TimeStep(step_type=<StepType.FIRST: 0>, reward=None, discount=None, observation=array([[1., 0., 0., 0., 0.],
       [0., 0., 0., 0., 0.],
       [0., 0., 0., 0., 0.],
       [0., 0., 0., 0., 0.],
       [0., 0., 0., 0., 0.],
       [0., 0., 0., 0., 0.],
       [0., 0., 0., 0., 0.],
       [0., 0., 0., 0., 0.],
       [0., 0., 0., 0., 0.],
       [0., 0., 1., 0., 0.]], dtype=float32))

In [20]:
obs_gym

array([[0., 0., 0., 0., 0.],
       [1., 0., 0., 0., 0.],
       [0., 0., 0., 0., 0.],
       [0., 0., 0., 0., 0.],
       [0., 0., 0., 0., 0.],
       [0., 0., 0., 0., 0.],
       [0., 0., 0., 0., 0.],
       [0., 0., 0., 0., 0.],
       [0., 0., 0., 0., 0.],
       [0., 1., 0., 0., 0.]], dtype=float32)

In [21]:
obs_jax

DeviceArray([[0., 0., 0., 0., 0.],
             [1., 0., 0., 0., 0.],
             [0., 0., 0., 0., 0.],
             [0., 0., 0., 0., 0.],
             [0., 0., 0., 0., 0.],
             [0., 0., 0., 0., 0.],
             [0., 0., 0., 0., 0.],
             [0., 0., 0., 0., 0.],
             [0., 0., 0., 0., 0.],
             [0., 1., 0., 0., 0.]], dtype=float32)

# DeepSea

In [4]:
# 1. Create gymnax based environment
rng, env = gymnax.make("DeepSea-bsuite")
rng, key_reset, key_step, key_action = jax.random.split(rng, 4)
obs, state = env.reset(key_reset)

# 2. Setup bsuite-based environment, get state dict
env_gym = deep_sea.DeepSea(size=8, randomize_actions=False)
_ = env_gym.reset()
state = gymnax.utils.np_state_to_jax(env_gym, "DeepSea-bsuite")

# 3. Transition in both environments
action = env.action_space.sample(key_action)
timestep = env_gym.step(jnp.array(action))
obs_gym, reward_gym, done_gym = timestep.observation, timestep.reward, 1-timestep.discount
obs_jax, state_jax, reward_jax, done_jax, _ = env.step(key_step, state, action)

# 4a.

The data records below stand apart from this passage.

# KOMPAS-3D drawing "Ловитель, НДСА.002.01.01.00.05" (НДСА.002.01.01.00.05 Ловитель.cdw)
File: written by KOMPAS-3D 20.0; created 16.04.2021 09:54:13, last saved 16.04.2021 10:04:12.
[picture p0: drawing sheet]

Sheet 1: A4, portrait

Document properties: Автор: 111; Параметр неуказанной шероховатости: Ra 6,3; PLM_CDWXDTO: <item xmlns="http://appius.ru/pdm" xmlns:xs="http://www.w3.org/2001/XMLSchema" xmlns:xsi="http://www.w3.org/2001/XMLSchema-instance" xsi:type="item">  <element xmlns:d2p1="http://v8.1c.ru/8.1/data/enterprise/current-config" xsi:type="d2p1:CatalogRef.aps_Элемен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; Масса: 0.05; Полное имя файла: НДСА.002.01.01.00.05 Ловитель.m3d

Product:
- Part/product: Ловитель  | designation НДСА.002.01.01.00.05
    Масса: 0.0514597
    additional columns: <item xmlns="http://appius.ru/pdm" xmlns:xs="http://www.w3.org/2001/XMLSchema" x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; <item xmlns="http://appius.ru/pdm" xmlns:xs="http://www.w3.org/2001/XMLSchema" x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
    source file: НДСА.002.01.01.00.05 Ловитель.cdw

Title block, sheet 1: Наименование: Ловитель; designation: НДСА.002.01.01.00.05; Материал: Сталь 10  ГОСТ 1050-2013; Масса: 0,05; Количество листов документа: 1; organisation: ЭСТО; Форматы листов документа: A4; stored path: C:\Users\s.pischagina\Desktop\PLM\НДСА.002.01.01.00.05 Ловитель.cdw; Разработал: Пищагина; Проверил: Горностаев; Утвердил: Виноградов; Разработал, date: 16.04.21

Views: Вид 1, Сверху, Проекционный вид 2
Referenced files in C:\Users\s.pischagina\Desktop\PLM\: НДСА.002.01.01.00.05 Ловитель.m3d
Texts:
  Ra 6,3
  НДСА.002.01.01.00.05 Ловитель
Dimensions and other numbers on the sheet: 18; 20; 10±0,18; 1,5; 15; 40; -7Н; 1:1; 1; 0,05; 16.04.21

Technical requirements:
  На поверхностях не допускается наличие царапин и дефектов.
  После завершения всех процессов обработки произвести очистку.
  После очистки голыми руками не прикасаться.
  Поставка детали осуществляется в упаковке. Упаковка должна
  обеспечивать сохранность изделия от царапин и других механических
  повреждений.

Check correctness of transition
gymnax.utils.assert_correct_transit(obs_gym, reward_gym, done_gym,
                                    obs_jax, reward_jax, done_jax)

# 4b. Check that post-transition states are equal
gymnax.utils.assert_correct_state(env_gym, "DeepSea-bsuite", state_jax)



# Discounting Chain

In [5]:
# 1. Create gymnax based environment
rng, env = gymnax.make("DiscountingChain-bsuite")
rng, key_reset, key_step, key_action = jax.random.split(rng, 4)
obs, state = env.reset(key_reset)

# 2. Setup bsuite-based environment, get state dict
env_gym = discounting_chain.DiscountingChain(mapping_seed=0)
_ = env_gym.reset()
state = gymnax.utils.np_state_to_jax(env_gym, "DiscountingChain-bsuite")

# 3. Transition in both environments
action = env.action_space.sample(key_action)
timestep = env_gym.step(jnp.array(action))
obs_gym, reward_gym, done_gym = timestep.observation, timestep.reward, 1-timestep.discount
obs_jax, state_jax, reward_jax, done_jax, _ = env.step(key_step, state, action)

# 4a. Check correctness of transition
gymnax.utils.assert_correct_transit(obs_gym, reward_gym, done_gym,
                                    obs_jax, reward_jax, done_jax)

# 4b. Check that post-transition states are equal
gymnax.utils.assert_correct_state(env_gym, "DiscountingChain-bsuite", state_jax)

# Memory Chain

In [6]:
# 1. Create gymnax based environment
rng, env = gymnax.make("MemoryChain-bsuite")
rng, key_reset, key_step, key_action = jax.random.split(rng, 4)
obs, state = env.reset(key_reset)

# 2. Setup bsuite-based environment, get state dict
env_gym = memory_chain.MemoryChain(memory_length=5, num_bits=1)
_ = env_gym.reset()
state = gymnax.utils.np_state_to_jax(env_gym, "MemoryChain-bsuite")

# 3. Transition in both environments
action = env.action_space.sample(key_action)
timestep = env_gym.step(jnp.array(action))
obs_gym, reward_gym, done_gym = timestep.observation, timestep.reward, 1-timestep.discount
obs_jax, state_jax, reward_jax, done_jax, _ = env.step(key_step, state, action)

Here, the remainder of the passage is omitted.